Jeep! Jeep!
This is part two of our survey of language spawned by comics and cartoons.
Here’s a strip that, in comics, is one of the richest contributors to the language: Thimble Theatre, better known worldwide by the name of its protagonist, the sailor Popeye.
The strip’s creator, Elzie Segar (1894– 1938) is credited with several coinages, some of which are contested; let’s take them one by one.
“With a loanshark, it’s simple: you don’t pay, he sends one of his goons to break your leg“.
To Segar is generally attributed the word “goon”, but the truth is a bit more complex; the word long predated the strip.
However, it is arguable that Segar changed the sense of this slang term. Before, it designated a foolish simpleton.
But by the end of the thirties, after Segar introduced the fearsome but lovable Alice the Goon into the strip:
click image to enlarge
… the meaning changed to that of a hulking, violent thug.
I’ll vote for Segar on this point (although some maintain the word in its modern sense derives from goondah, a Hindi word for a tough crook. This is superficially plausible, as many expressions from India have found their way into colloquial British English, such as “take a dekko” for “take a look”, or “he’s a pukkah sahib” for “he’s an honourable man”. But the new sense of ‘goon’ seems to have gone from America to Britain, not vice-versa; I still vote for Segar…and the dictionaries agree.)
“It was more a dirt track than a road; good thing we were driving a Jeep“.
Another contested usage attributed to Segar concerns his character Eugene the Jeep.
A strange, doglike creature from Africa, from its introduction in 1936 it was an instant hit with readers.
Soon the word ‘jeep’ had entered the slang in a variety of applications.

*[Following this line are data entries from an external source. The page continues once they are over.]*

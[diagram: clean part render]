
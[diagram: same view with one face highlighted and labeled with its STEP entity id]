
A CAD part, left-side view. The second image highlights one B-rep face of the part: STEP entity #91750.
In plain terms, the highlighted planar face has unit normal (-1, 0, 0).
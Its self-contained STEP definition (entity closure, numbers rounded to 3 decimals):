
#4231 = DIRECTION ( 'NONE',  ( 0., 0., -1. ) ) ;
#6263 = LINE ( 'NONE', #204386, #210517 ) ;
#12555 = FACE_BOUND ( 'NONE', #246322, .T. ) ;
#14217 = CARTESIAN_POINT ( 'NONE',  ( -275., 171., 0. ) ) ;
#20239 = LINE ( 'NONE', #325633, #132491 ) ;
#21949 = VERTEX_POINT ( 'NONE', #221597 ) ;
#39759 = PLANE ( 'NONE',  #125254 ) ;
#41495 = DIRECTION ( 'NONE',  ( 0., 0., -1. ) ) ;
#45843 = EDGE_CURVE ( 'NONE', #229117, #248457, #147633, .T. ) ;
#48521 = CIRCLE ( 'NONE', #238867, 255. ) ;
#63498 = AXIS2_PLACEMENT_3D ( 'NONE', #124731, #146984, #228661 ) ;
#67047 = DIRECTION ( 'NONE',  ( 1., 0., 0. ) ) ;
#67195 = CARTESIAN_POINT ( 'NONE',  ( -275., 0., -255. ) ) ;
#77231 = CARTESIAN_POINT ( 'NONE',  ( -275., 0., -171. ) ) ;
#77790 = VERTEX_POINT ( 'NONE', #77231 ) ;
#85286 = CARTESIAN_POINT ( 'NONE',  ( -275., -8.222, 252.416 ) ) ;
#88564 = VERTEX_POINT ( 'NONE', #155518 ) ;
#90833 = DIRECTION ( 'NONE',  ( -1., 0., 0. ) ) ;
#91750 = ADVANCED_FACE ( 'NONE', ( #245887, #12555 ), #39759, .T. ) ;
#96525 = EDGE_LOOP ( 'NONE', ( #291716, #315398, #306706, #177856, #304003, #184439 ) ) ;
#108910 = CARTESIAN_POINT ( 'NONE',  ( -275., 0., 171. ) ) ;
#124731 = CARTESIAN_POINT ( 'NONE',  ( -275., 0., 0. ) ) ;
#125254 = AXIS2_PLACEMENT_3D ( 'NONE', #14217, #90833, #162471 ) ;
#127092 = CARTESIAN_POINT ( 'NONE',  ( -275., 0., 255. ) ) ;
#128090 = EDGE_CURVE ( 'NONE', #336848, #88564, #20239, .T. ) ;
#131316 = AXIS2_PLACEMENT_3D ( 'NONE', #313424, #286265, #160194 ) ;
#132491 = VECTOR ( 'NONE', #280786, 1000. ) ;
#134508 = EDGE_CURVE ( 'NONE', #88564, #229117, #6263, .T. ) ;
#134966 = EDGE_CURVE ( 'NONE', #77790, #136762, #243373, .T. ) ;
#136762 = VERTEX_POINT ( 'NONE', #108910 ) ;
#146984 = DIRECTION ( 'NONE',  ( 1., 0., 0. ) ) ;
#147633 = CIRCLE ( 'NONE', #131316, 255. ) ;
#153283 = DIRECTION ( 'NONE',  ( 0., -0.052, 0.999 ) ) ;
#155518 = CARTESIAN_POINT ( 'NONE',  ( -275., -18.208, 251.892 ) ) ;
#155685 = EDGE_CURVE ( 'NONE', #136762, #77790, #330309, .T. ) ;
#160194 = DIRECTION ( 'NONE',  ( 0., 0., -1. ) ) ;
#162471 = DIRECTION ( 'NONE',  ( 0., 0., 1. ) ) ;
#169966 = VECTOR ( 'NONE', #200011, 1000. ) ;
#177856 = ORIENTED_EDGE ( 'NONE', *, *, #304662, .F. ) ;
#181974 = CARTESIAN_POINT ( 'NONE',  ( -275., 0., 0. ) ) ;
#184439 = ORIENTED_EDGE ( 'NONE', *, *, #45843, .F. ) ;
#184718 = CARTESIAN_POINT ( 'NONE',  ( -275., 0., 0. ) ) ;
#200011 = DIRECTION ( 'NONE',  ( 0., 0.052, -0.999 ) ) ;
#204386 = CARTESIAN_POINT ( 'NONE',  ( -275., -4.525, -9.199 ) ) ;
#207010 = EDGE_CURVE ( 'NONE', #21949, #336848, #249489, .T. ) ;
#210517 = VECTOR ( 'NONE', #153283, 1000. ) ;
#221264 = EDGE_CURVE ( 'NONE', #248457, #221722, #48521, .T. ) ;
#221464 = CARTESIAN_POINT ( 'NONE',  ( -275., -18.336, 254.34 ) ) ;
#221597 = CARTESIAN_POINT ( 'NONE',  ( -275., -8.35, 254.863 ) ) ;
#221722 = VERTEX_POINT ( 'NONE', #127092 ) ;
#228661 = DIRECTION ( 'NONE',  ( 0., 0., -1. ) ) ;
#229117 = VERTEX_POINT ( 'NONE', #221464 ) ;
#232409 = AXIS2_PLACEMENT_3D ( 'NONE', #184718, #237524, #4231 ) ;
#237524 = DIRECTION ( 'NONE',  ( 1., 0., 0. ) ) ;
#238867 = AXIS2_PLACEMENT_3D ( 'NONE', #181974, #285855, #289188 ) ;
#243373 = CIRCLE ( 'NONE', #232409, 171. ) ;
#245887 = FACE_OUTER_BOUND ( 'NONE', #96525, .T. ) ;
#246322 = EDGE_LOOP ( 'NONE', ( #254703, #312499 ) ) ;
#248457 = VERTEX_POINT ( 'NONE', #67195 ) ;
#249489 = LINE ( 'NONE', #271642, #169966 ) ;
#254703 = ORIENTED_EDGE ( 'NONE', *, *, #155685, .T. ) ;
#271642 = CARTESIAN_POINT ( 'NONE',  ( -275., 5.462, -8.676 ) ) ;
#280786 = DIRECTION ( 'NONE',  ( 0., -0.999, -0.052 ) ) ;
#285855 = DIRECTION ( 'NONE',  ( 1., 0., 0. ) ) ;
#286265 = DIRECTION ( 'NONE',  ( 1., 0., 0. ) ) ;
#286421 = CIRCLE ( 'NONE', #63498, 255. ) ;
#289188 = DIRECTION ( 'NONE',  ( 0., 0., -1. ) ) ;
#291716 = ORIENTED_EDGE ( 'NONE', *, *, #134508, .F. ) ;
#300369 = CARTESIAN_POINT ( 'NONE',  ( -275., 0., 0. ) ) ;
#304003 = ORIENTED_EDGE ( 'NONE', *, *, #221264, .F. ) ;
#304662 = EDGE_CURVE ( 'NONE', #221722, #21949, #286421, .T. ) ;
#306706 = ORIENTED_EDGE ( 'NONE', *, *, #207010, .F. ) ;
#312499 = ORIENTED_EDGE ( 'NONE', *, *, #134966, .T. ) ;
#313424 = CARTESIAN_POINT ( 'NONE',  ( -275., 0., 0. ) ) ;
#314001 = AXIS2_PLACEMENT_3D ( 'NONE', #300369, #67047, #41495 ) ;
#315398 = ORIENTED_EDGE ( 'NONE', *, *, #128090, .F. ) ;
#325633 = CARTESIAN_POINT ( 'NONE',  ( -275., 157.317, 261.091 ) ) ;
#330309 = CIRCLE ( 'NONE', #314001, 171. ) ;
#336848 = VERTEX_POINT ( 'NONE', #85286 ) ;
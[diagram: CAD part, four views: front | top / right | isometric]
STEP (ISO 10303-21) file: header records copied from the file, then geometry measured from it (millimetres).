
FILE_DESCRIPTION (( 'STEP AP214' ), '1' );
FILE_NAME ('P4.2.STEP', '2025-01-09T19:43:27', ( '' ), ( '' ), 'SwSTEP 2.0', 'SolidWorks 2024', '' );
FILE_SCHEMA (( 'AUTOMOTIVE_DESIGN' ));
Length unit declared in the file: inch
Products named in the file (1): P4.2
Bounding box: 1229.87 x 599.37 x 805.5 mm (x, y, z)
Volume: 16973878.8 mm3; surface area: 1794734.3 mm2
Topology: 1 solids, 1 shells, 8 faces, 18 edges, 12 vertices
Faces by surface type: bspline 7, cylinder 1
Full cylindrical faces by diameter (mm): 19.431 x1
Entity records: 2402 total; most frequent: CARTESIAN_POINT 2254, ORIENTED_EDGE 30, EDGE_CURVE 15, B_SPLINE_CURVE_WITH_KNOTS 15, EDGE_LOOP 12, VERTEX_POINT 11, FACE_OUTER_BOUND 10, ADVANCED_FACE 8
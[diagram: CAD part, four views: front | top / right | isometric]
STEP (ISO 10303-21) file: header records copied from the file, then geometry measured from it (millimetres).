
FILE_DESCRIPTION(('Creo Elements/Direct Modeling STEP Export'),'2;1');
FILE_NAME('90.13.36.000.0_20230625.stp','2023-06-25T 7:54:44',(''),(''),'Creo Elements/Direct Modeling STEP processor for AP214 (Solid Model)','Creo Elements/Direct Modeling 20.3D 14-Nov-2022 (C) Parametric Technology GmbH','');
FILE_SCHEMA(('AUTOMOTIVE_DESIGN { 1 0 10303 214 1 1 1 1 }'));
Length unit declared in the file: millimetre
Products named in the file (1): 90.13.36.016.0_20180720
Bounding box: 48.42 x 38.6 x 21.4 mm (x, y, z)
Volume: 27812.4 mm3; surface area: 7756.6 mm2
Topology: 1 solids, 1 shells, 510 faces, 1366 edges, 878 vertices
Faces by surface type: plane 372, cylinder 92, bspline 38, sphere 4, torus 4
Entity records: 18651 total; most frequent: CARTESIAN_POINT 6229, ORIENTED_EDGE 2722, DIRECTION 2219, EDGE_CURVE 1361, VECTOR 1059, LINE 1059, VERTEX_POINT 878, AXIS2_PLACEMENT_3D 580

It could refer to rookie soldiers, odd new gadgets and gizmos; in the pioneer days of television, it designated a portable t.v. studio.
It mainly referred to vehicles, such as trucks and tanks. Finally, the name stuck to the 1941 M-38 Truck, Utility, 1/4 Ton, henceforth universally named the Jeep:
The alternative etymology — that the name of the vehicle derives from “GP”, for “general purpose”, has been widely debunked.
“She says I smoke, drink and cuss too much. Phooey on that, I yam what I yam.“
Popeye’s profession of individuality was perhaps not original — Jehovah said it first to Moses — but it spread wide and far through the theme song of his animated cartoons.
“Perhaps they calculated that winning health care would strengthen them for climate change, like Popeye after a helping of spinach. — Hendrick Hertzberg, The New Yorker, Feb 7 2011.
As for his strength-giving spinach, it also led people boasting of their physical prowess to say that they “eat their spinach”.
“That guy’s a particularly insidious Internet troll; he eggs each party on to attack the other — the old let’s-you-and- him- fight technique.”
Popeye’s friend J.Wellington Wimpy was not a courageous soul, to say the least.
(Hence the word wimp, as some have claimed? Actually, ‘wimp’ is from a 1920s slang term for ‘woman’. Yep, sexism rides again.)
His ‘Let’s you and him fight’ was one way he deflected wrath away from himself.
Wimpy was a moocher, and he often tried to satisfy his lust for hamburger sandwiches with the following promise:
The phrase is still used to warn of an improvident borrower (Wimpy never repaid his loans), as this recent adaptation of the idiom by Political Graffiti cartoonist Bob McCarty shows:
” I”m feeling peckish; anyone fancy going for a wimpy?”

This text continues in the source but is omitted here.